There were all these other components such as finding a place that my music makes sense and that all of this stems from these influences I grew up with. I’m from Queens and am inspired by the films of the ‘70s and ‘80s about the roughness of my city. It’s an amazing thing for all of that to feed into one cohesive creative endeavor.
Dawson: Talk to me about the inspiration for this screenplay and working with (director) Paul Solet again? Who came up with this Clean character?
Brody: It is a shared responsibility. I’ve been longing to tell a version of this story for well over a decade. Paul and I have worked together in the past and I’ve found his writing and directing to be wonderful. As a screenwriter, I found he understood the range in which I wanted this to go. I enjoyed our experience together when we worked. I pitched him this conceptually and he loved it, and immediately had wonderful ideas. We got right to work. So much of this is influenced by both of our interests, which are very similar in terms of screenwriting and caliber of artistic films that we liked in terms of style in which we wanted to tell the story. We were very aligned on that.
Musically, Paul had interesting ideas. I didn’t set out to score this and produce it—that wasn’t my objective, initially—but it came alive as I was making the film and as I continue to make music on a daily basis. What was pouring out of me, especially at that time, felt very much an extension of Clean and that world. So (the music) became an additional character that I created in the storytelling.
Dawson: Twenty years ago, you starred in The Pianist. Does it seem that long ago?
Brody: No.
Dawson: In what ways did that film shape you or has shaped you in the past 20 years?

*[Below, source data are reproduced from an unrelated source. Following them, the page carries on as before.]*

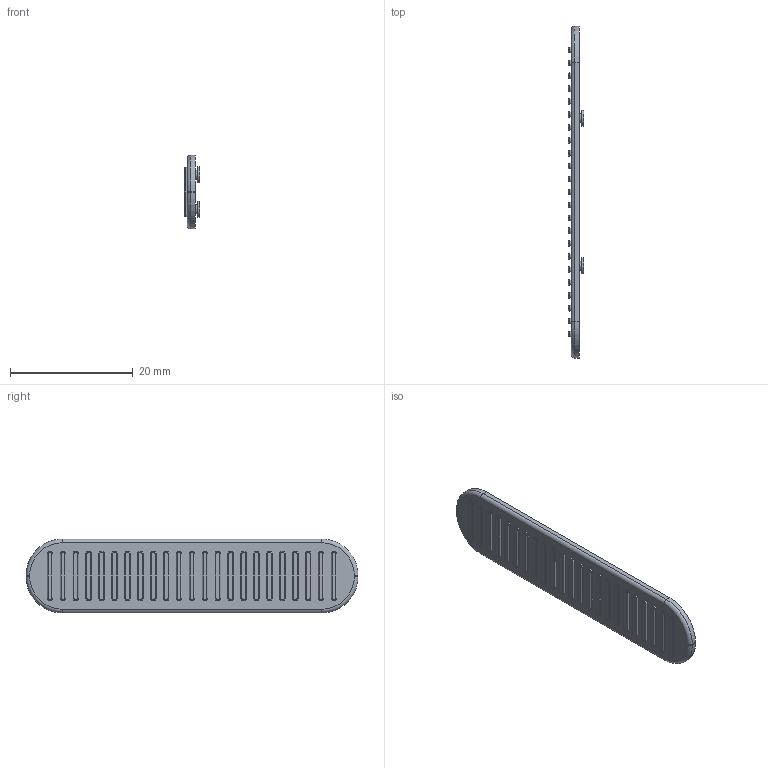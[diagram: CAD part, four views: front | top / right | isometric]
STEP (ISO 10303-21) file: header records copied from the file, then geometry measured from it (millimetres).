
FILE_DESCRIPTION(('Open CASCADE Model'),'2;1');
FILE_NAME('C27_16_Orange_Ribbed_PTT_Grip','2026-09-09T13:54:18',( 'Author'),('Open CASCADE'),'Open CASCADE STEP processor 7.9', 'build123d','Unknown');
FILE_SCHEMA(('AUTOMOTIVE_DESIGN { 1 0 10303 214 1 1 1 1 }'));
Length unit declared in the file: millimetre
Products named in the file (1): C27_16_Orange_Ribbed_PTT_Grip
Bounding box: 2.5 x 54 x 12 mm (x, y, z)
Volume: 905.2 mm3; surface area: 1566.2 mm2
Topology: 1 solids, 1 shells, 425 faces, 984 edges, 592 vertices
Faces by surface type: cylinder 200, plane 129, torus 96
Full cylindrical faces by diameter (mm): 1.5 x4, 2.6 x4
Entity records: 24859 total; most frequent: CARTESIAN_POINT 5690, DIRECTION 3540, ORIENTED_EDGE 1968, PCURVE 1968, DEFINITIONAL_REPRESENTATION 1968, LINE 1680, VECTOR 1680, EDGE_CURVE 984
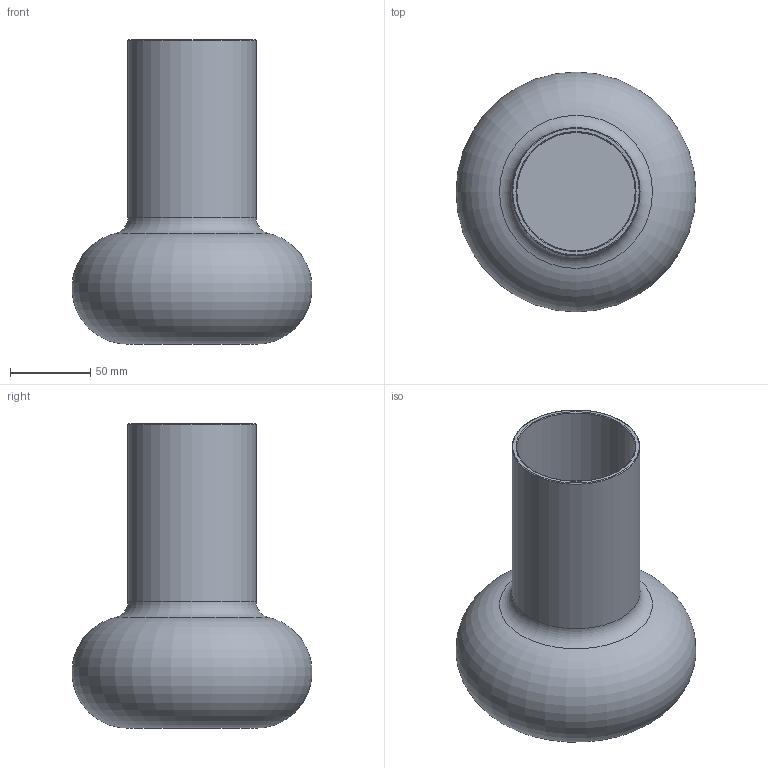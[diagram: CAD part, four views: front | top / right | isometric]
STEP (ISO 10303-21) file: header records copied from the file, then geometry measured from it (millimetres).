
FILE_DESCRIPTION( ( 'Unknown' ), '1' );
FILE_NAME( 'C:/Users/Bariani_F/Desktop/DANESE FRANCESCO/DANESE SPACE 2020/GIULIO IACCHETTI/DECANTER/CALLA.stp', 'Unknown', ( 'Unknown' ), ( 'Unknown' ), 'PSStep 14.0', 'Unknown', ' ' );
FILE_SCHEMA( ( 'AUTOMOTIVE_DESIGN { 1 0 10303 214 1 1 1 1 }' ) );
Length unit declared in the file: millimetre
Products named in the file (1): 1
Bounding box: 149.8 x 149.8 x 190 mm (x, y, z)
Volume: 223348.2 mm3; surface area: 149556.9 mm2
Topology: 1 solids, 1 shells, 11 faces, 21 edges, 13 vertices
Faces by surface type: torus 6, plane 3, cylinder 2
Full cylindrical faces by diameter (mm): 74 x1, 80 x1
Entity records: 318 total; most frequent: DIRECTION 44, CARTESIAN_POINT 32, AXIS2_PLACEMENT_3D 22, EDGE_LOOP 20, ORIENTED_EDGE 20, FACE_OUTER_BOUND 19, STYLED_ITEM 11, PRESENTATION_STYLE_ASSIGNMENT 11

Brody: It’s a remarkable thing. That movie has had the most profound effect on my life than any other endeavor or experience that I’ve embarked on. Before any of the accolades—which I’m eternally grateful for—it had already shifted everything and changed my perspective and given me a sense of gratitude that has not left me. It gave me a sense of responsibility in how I live my life.
I was only 27 when I made that film. I wasn’t conscious of how much I took for granted. I had said back then that my understanding of this and portraying a survivor of that horrible time in history that young people—my generation—might not understand fully because they hadn’t lived through something traumatic on that level in the United States, and how fortunate we were and how unaware we were of that kind of suffering or the potential for so much to be pulled out from under us on a national level.
But now we’re experiencing that to a degree so it’s reinforced my need to live presently and apply myself in a very focused way and to do what I feel is meaningful. To share and live more fearlessly and not get bogged down in the things that may very well be disappointing or difficult to overcome. When you look around at the vast suffering of this world, you better be thankful for every moment that it’s not affecting you or your loved ones. That’s what (The Pianist) has done for me, which I’m really grateful for, because that prepared me for a level of success that I (previously) hadn’t had as a working actor.